[Records contained in a dataset]
______

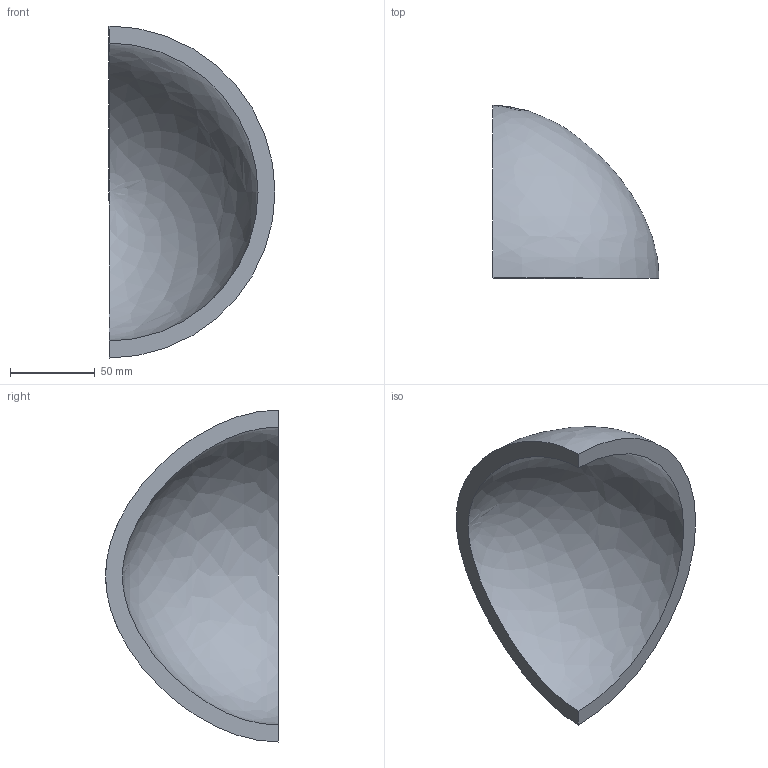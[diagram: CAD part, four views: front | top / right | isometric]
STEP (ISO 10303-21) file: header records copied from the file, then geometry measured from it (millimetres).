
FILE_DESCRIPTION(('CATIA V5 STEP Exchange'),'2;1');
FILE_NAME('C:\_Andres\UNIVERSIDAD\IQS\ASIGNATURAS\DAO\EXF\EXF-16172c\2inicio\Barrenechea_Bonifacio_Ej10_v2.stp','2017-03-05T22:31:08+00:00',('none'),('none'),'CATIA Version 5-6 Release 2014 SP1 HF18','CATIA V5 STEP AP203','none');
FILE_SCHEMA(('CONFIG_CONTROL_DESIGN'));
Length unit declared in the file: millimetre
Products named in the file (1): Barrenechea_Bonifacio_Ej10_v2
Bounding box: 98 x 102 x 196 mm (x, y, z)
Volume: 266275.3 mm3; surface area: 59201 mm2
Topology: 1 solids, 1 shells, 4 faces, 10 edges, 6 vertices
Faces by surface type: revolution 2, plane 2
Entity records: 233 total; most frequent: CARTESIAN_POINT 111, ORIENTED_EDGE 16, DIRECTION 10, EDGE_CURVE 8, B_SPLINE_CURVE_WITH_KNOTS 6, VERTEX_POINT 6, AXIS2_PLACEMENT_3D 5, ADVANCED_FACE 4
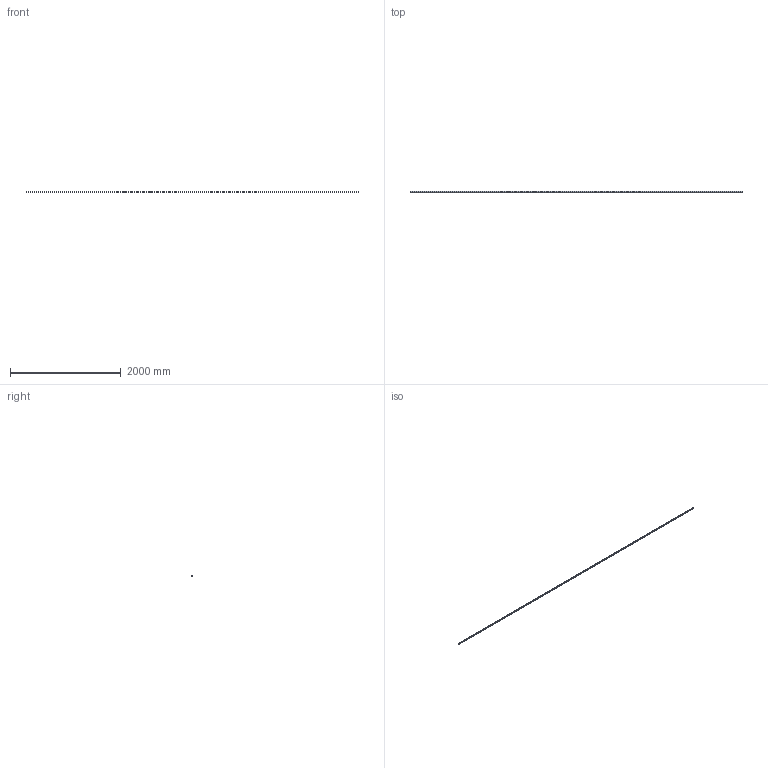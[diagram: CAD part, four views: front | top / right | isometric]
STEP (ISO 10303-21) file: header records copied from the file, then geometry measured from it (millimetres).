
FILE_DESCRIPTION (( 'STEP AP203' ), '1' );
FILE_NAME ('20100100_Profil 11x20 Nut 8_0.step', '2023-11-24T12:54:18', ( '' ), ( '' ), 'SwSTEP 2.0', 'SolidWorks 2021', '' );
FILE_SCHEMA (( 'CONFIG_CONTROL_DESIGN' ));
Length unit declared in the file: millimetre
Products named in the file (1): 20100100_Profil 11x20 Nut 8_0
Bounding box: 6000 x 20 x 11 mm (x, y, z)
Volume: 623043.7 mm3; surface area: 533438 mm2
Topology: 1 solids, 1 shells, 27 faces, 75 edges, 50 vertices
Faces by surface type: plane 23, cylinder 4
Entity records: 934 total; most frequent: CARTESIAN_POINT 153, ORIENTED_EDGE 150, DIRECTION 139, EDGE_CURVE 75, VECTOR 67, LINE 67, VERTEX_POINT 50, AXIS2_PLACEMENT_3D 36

______

_Work item:_ For this exercise, transcribe the entries above exactly, without any pictures.

_Solved problem:_
[diagram: CAD part, four views: front | top / right | isometric]
STEP (ISO 10303-21) file: header records copied from the file, then geometry measured from it (millimetres).
FILE_DESCRIPTION(('CATIA V5 STEP Exchange'),'2;1');
FILE_NAME('C:\_Andres\UNIVERSIDAD\IQS\ASIGNATURAS\DAO\EXF\EXF-16172c\2inicio\Barrenechea_Bonifacio_Ej10_v2.stp','2017-03-05T22:31:08+00:00',('none'),('none'),'CATIA Version 5-6 Release 2014 SP1 HF18','CATIA V5 STEP AP203','none');
FILE_SCHEMA(('CONFIG_CONTROL_DESIGN'));
Length unit declared in the file: millimetre
Products named in the file (1): Barrenechea_Bonifacio_Ej10_v2
Bounding box: 98 x 102 x 196 mm (x, y, z)
Volume: 266275.3 mm3; surface area: 59201 mm2
Topology: 1 solids, 1 shells, 4 faces, 10 edges, 6 vertices
Faces by surface type: revolution 2, plane 2
Entity records: 233 total; most frequent: CARTESIAN_POINT 111, ORIENTED_EDGE 16, DIRECTION 10, EDGE_CURVE 8, B_SPLINE_CURVE_WITH_KNOTS 6, VERTEX_POINT 6, AXIS2_PLACEMENT_3D 5, ADVANCED_FACE 4
[diagram: CAD part, four views: front | top / right | isometric]
STEP (ISO 10303-21) file: header records copied from the file, then geometry measured from it (millimetres).
FILE_DESCRIPTION (( 'STEP AP203' ), '1' );
FILE_NAME ('20100100_Profil 11x20 Nut 8_0.step', '2023-11-24T12:54:18', ( '' ), ( '' ), 'SwSTEP 2.0', 'SolidWorks 2021', '' );
FILE_SCHEMA (( 'CONFIG_CONTROL_DESIGN' ));
Length unit declared in the file: millimetre
Products named in the file (1): 20100100_Profil 11x20 Nut 8_0
Bounding box: 6000 x 20 x 11 mm (x, y, z)
Volume: 623043.7 mm3; surface area: 533438 mm2
Topology: 1 solids, 1 shells, 27 faces, 75 edges, 50 vertices
Faces by surface type: plane 23, cylinder 4
Entity records: 934 total; most frequent: CARTESIAN_POINT 153, ORIENTED_EDGE 150, DIRECTION 139, EDGE_CURVE 75, VECTOR 67, LINE 67, VERTEX_POINT 50, AXIS2_PLACEMENT_3D 36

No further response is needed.